First, while civilian casualties are rarely acknowledged by the US government, there is significant evidence that US drone strikes have injured and killed civilians. In public statements, the US states that there have been “no” or “single digit” civilian casualties.” It is difficult to obtain data on strike casualties because of US efforts to shield the drone program from democratic accountability, compounded by the obstacles to independent investigation of strikes in North Waziristan. The best currently available public aggregate data on drone strikes are provided by The Bureau of Investigative Journalism (TBIJ), an independent journalist organization. TBIJ reports that from June 2004 through mid-September 2012, available data indicate that drone strikes killed 2,562-3,325 people in Pakistan, of whom 474-881 were civilians, including 176 children. TBIJ reports that these strikes also injured an additional 1,228-1,362 individuals. Where media accounts do report civilian casualties, rarely is any information provided about the victims or the communities they leave behind. This report includes the harrowing narratives of many survivors, witnesses, and family members who provided evidence of civilian injuries and deaths in drone strikes to our research team. It also presents detailed accounts of three separate strikes, for which there is evidence of civilian deaths and injuries, including a March 2011 strike on a meeting of tribal elders that killed some 40 individuals.
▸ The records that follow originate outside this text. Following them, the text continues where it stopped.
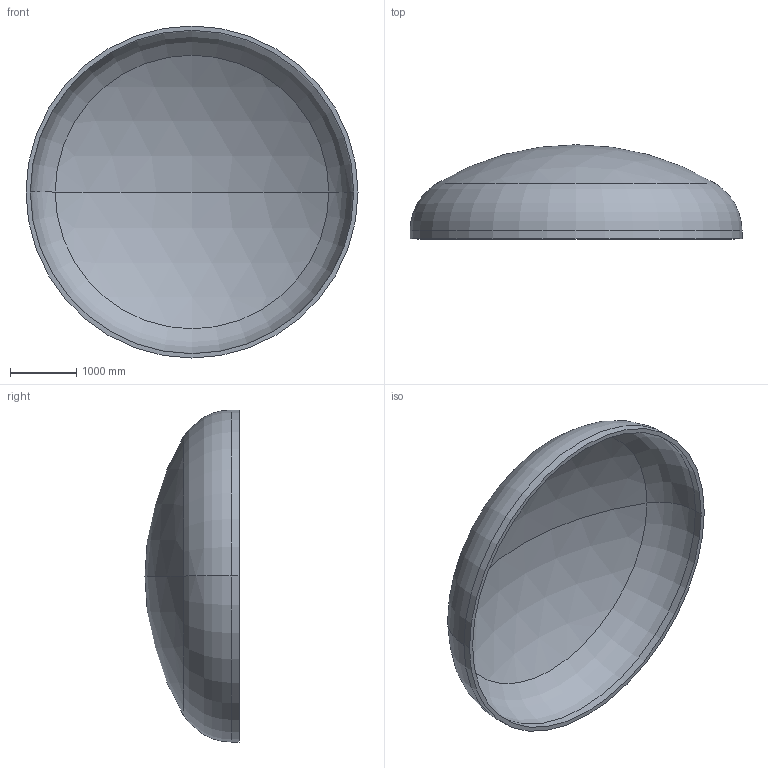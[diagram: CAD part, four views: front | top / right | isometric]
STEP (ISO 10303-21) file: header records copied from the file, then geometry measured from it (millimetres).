
FILE_DESCRIPTION (( 'STEP AP203' ), '1' );
FILE_NAME ('DIN 28013 Korbbogenform_-_Boden DIN 28013 - 5000 x 120 - I - s=66.step', '2016-07-02T00:41:57', ( '' ), ( '' ), 'SwSTEP 2.0', 'SolidWorks 2013', '' );
FILE_SCHEMA (( 'CONFIG_CONTROL_DESIGN' ));
Length unit declared in the file: millimetre
Products named in the file (1): DIN 28013 Korbbogenform_-_Boden DIN 28013 - 5000 x 120 - I - s=66
Bounding box: 5000 x 1417.61 x 5000 mm (x, y, z)
Volume: 1886536812.8 mm3; surface area: 58199925 mm2
Topology: 1 solids, 1 shells, 13 faces, 24 edges, 14 vertices
Faces by surface type: torus 4, cylinder 4, sphere 4, plane 1
Entity records: 407 total; most frequent: DIRECTION 72, CARTESIAN_POINT 52, ORIENTED_EDGE 48, AXIS2_PLACEMENT_3D 34, EDGE_CURVE 24, CIRCLE 20, EDGE_LOOP 14, VERTEX_POINT 14

Response to Warren Stupidity (Reply #4)
Mon Feb 11, 2013, 12:42 PM
polly7 (20,582 posts)
5. Yes, it seems so.
The report's findings also bring to mind Franks' 'We don't do body counts', as it seems the strikes aren't visited afterwards by anyone too interested in who, or how many were killed. I think that along with the awesome responsibility of owning and using these drones on human beings around the world, there should at least be a requirement for some sort of follow-up and investigation.